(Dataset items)
· · · · ·
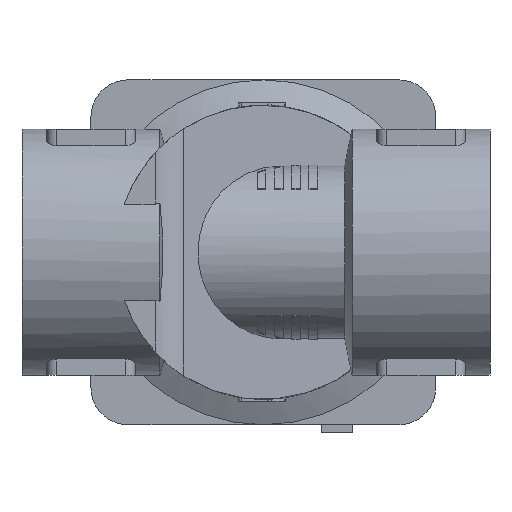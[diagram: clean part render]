
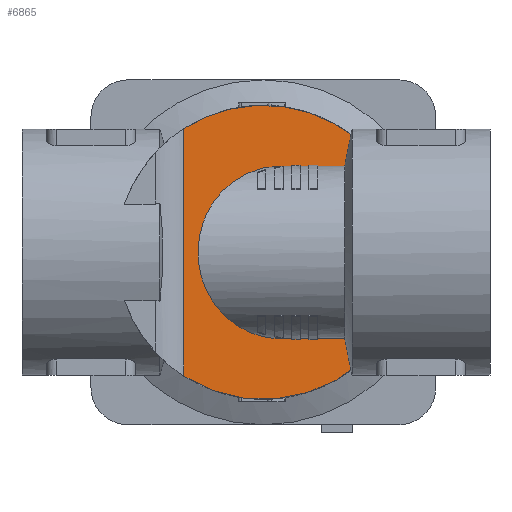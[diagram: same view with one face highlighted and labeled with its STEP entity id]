
A CAD part, front view. The second image highlights one B-rep face of the part: STEP entity #6865.
In plain terms, the highlighted planar face has unit normal (0.724, -0.69, 0).
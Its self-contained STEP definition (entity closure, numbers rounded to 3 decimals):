
#62=ELLIPSE('',#7210,43.243,29.85);
#67=ELLIPSE('',#7222,43.243,29.85);
#78=ELLIPSE('',#7252,24.186,17.5);
#85=ELLIPSE('',#7353,34.552,25.);
#86=ELLIPSE('',#7354,34.552,25.);
#129=B_SPLINE_CURVE_WITH_KNOTS('',3,(#10344,#10345,#10346,#10347),
 .UNSPECIFIED.,.F.,.F.,(4,4),(0.,0.002),
 .UNSPECIFIED.);
#130=B_SPLINE_CURVE_WITH_KNOTS('',3,(#10359,#10360,#10361,#10362),
 .UNSPECIFIED.,.F.,.F.,(4,4),(0.007,0.009),
 .UNSPECIFIED.);
#403=LINE('',#10077,#922);
#405=LINE('',#10081,#924);
#496=LINE('',#10352,#1015);
#497=LINE('',#10354,#1016);
#498=LINE('',#10355,#1017);
#499=LINE('',#10364,#1018);
#500=LINE('',#10365,#1019);
#922=VECTOR('',#8188,1000.);
#924=VECTOR('',#8192,1000.);
#1015=VECTOR('',#8459,1000.);
#1016=VECTOR('',#8460,1000.);
#1017=VECTOR('',#8461,1000.);
#1018=VECTOR('',#8464,1000.);
#1019=VECTOR('',#8465,1000.);
#2010=ORIENTED_EDGE('',*,*,#3374,.F.);
#2011=ORIENTED_EDGE('',*,*,#3375,.F.);
#2012=ORIENTED_EDGE('',*,*,#3376,.F.);
#2013=ORIENTED_EDGE('',*,*,#3377,.F.);
#2014=ORIENTED_EDGE('',*,*,#3148,.F.);
#2015=ORIENTED_EDGE('',*,*,#3243,.T.);
#2016=ORIENTED_EDGE('',*,*,#3172,.F.);
#2017=ORIENTED_EDGE('',*,*,#3245,.F.);
#2018=ORIENTED_EDGE('',*,*,#3378,.F.);
#2019=ORIENTED_EDGE('',*,*,#3379,.F.);
#2020=ORIENTED_EDGE('',*,*,#3380,.F.);
#2021=ORIENTED_EDGE('',*,*,#3381,.F.);
#2022=ORIENTED_EDGE('',*,*,#3218,.T.);
#2023=ORIENTED_EDGE('',*,*,#3382,.F.);
#3148=EDGE_CURVE('',#3922,#3923,#62,.F.);
#3172=EDGE_CURVE('',#3946,#3947,#67,.F.);
#3218=EDGE_CURVE('',#3993,#3992,#78,.F.);
#3243=EDGE_CURVE('',#3922,#3947,#403,.T.);
#3245=EDGE_CURVE('',#4011,#3946,#405,.T.);
#3374=EDGE_CURVE('',#4089,#4090,#129,.T.);
#3375=EDGE_CURVE('',#4091,#4089,#85,.T.);
#3376=EDGE_CURVE('',#4092,#4091,#496,.T.);
#3377=EDGE_CURVE('',#3923,#4092,#497,.T.);
#3378=EDGE_CURVE('',#4093,#4011,#498,.T.);
#3379=EDGE_CURVE('',#4094,#4093,#86,.T.);
#3380=EDGE_CURVE('',#4095,#4094,#130,.T.);
#3381=EDGE_CURVE('',#3993,#4095,#499,.T.);
#3382=EDGE_CURVE('',#4090,#3992,#500,.T.);
#3922=VERTEX_POINT('',#9789);
#3923=VERTEX_POINT('',#9791);
#3946=VERTEX_POINT('',#9878);
#3947=VERTEX_POINT('',#9880);
#3992=VERTEX_POINT('',#10011);
#3993=VERTEX_POINT('',#10013);
#4011=VERTEX_POINT('',#10080);
#4089=VERTEX_POINT('',#10348);
#4090=VERTEX_POINT('',#10349);
#4091=VERTEX_POINT('',#10351);
#4092=VERTEX_POINT('',#10353);
#4093=VERTEX_POINT('',#10356);
#4094=VERTEX_POINT('',#10358);
#4095=VERTEX_POINT('',#10363);
#4707=EDGE_LOOP('',(#2010,#2011,#2012,#2013,#2014,#2015,#2016,#2017,#2018,
#2019,#2020,#2021,#2022,#2023));
#5091=FACE_BOUND('',#4707,.T.);
#5420=PLANE('',#7352);
#6865=ADVANCED_FACE('',(#5091),#5420,.T.);
#7210=AXIS2_PLACEMENT_3D('',#9790,#8052,#8053);
#7222=AXIS2_PLACEMENT_3D('',#9879,#8080,#8081);
#7252=AXIS2_PLACEMENT_3D('',#10012,#8149,#8150);
#7352=AXIS2_PLACEMENT_3D('',#10343,#8455,#8456);
#7353=AXIS2_PLACEMENT_3D('',#10350,#8457,#8458);
#7354=AXIS2_PLACEMENT_3D('',#10357,#8462,#8463);
#8052=DIRECTION('',(0.724,-0.69,0.));
#8053=DIRECTION('',(0.69,0.724,0.));
#8080=DIRECTION('',(0.724,-0.69,0.));
#8081=DIRECTION('',(0.69,0.724,0.));
#8149=DIRECTION('',(0.724,-0.69,0.));
#8150=DIRECTION('',(-0.69,-0.724,0.));
#8188=DIRECTION('',(0.,0.,-1.));
#8192=DIRECTION('',(0.,0.,-1.));
#8455=DIRECTION('',(0.724,-0.69,0.));
#8456=DIRECTION('',(0.69,0.724,0.));
#8457=DIRECTION('',(0.724,-0.69,0.));
#8458=DIRECTION('',(0.69,0.724,0.));
#8459=DIRECTION('',(-0.69,-0.724,0.));
#8460=DIRECTION('',(0.,0.,-1.));
#8461=DIRECTION('',(0.69,0.724,0.));
#8462=DIRECTION('',(0.724,-0.69,0.));
#8463=DIRECTION('',(0.69,0.724,0.));
#8464=DIRECTION('',(0.69,0.724,0.));
#8465=DIRECTION('',(-0.69,-0.724,0.));
#9789=CARTESIAN_POINT('',(-16.136,-20.522,25.113));
#9790=CARTESIAN_POINT('',(0.,-3.608,0.));
#9791=CARTESIAN_POINT('',(23.,20.5,19.027));
#9878=CARTESIAN_POINT('',(23.,20.5,-19.027));
#9879=CARTESIAN_POINT('',(0.,-3.608,0.));
#9880=CARTESIAN_POINT('',(-16.136,-20.522,-25.113));
#10011=CARTESIAN_POINT('',(3.443,0.,17.5));
#10012=CARTESIAN_POINT('',(3.443,0.,0.));
#10013=CARTESIAN_POINT('',(3.443,0.,-17.5));
#10077=CARTESIAN_POINT('',(-16.136,-20.522,70.));
#10080=CARTESIAN_POINT('',(23.,20.5,-17.5));
#10081=CARTESIAN_POINT('',(23.,20.5,70.));
#10343=CARTESIAN_POINT('',(23.,20.5,70.));
#10344=CARTESIAN_POINT('',(18.,15.259,19.803));
#10345=CARTESIAN_POINT('',(17.861,15.113,19.036));
#10346=CARTESIAN_POINT('',(17.723,14.969,18.268));
#10347=CARTESIAN_POINT('',(17.587,14.826,17.5));
#10348=CARTESIAN_POINT('',(18.,15.259,19.803));
#10349=CARTESIAN_POINT('',(17.587,14.826,17.5));
#10350=CARTESIAN_POINT('',(3.443,0.,0.));
#10351=CARTESIAN_POINT('',(20.475,17.854,17.5));
#10352=CARTESIAN_POINT('',(23.,20.5,17.5));
#10353=CARTESIAN_POINT('',(23.,20.5,17.5));
#10354=CARTESIAN_POINT('',(23.,20.5,70.));
#10355=CARTESIAN_POINT('',(23.,20.5,-17.5));
#10356=CARTESIAN_POINT('',(20.475,17.854,-17.5));
#10357=CARTESIAN_POINT('',(3.443,0.,0.));
#10358=CARTESIAN_POINT('',(18.,15.259,-19.803));
#10359=CARTESIAN_POINT('',(17.587,14.826,-17.5));
#10360=CARTESIAN_POINT('',(17.723,14.969,-18.268));
#10361=CARTESIAN_POINT('',(17.861,15.113,-19.036));
#10362=CARTESIAN_POINT('',(18.,15.259,-19.803));
#10363=CARTESIAN_POINT('',(17.587,14.826,-17.5));
#10364=CARTESIAN_POINT('',(23.,20.5,-17.5));
#10365=CARTESIAN_POINT('',(23.,20.5,17.5));
· · · · ·
* Task details: The reply should consist solely of the lines above from the one that has "#1017=VECTOR('',#8461,1000.);" through the one that has "#3992=VERTEX_POINT('',#10011);", reproduced exactly.

* Response to this exercise:
#1017=VECTOR('',#8461,1000.);
#1018=VECTOR('',#8464,1000.);
#1019=VECTOR('',#8465,1000.);
#2010=ORIENTED_EDGE('',*,*,#3374,.F.);
#2011=ORIENTED_EDGE('',*,*,#3375,.F.);
#2012=ORIENTED_EDGE('',*,*,#3376,.F.);
#2013=ORIENTED_EDGE('',*,*,#3377,.F.);
#2014=ORIENTED_EDGE('',*,*,#3148,.F.);
#2015=ORIENTED_EDGE('',*,*,#3243,.T.);
#2016=ORIENTED_EDGE('',*,*,#3172,.F.);
#2017=ORIENTED_EDGE('',*,*,#3245,.F.);
#2018=ORIENTED_EDGE('',*,*,#3378,.F.);
#2019=ORIENTED_EDGE('',*,*,#3379,.F.);
#2020=ORIENTED_EDGE('',*,*,#3380,.F.);
#2021=ORIENTED_EDGE('',*,*,#3381,.F.);
#2022=ORIENTED_EDGE('',*,*,#3218,.T.);
#2023=ORIENTED_EDGE('',*,*,#3382,.F.);
#3148=EDGE_CURVE('',#3922,#3923,#62,.F.);
#3172=EDGE_CURVE('',#3946,#3947,#67,.F.);
#3218=EDGE_CURVE('',#3993,#3992,#78,.F.);
#3243=EDGE_CURVE('',#3922,#3947,#403,.T.);
#3245=EDGE_CURVE('',#4011,#3946,#405,.T.);
#3374=EDGE_CURVE('',#4089,#4090,#129,.T.);
#3375=EDGE_CURVE('',#4091,#4089,#85,.T.);
#3376=EDGE_CURVE('',#4092,#4091,#496,.T.);
#3377=EDGE_CURVE('',#3923,#4092,#497,.T.);
#3378=EDGE_CURVE('',#4093,#4011,#498,.T.);
#3379=EDGE_CURVE('',#4094,#4093,#86,.T.);
#3380=EDGE_CURVE('',#4095,#4094,#130,.T.);
#3381=EDGE_CURVE('',#3993,#4095,#499,.T.);
#3382=EDGE_CURVE('',#4090,#3992,#500,.T.);
#3922=VERTEX_POINT('',#9789);
#3923=VERTEX_POINT('',#9791);
#3946=VERTEX_POINT('',#9878);
#3947=VERTEX_POINT('',#9880);
#3992=VERTEX_POINT('',#10011);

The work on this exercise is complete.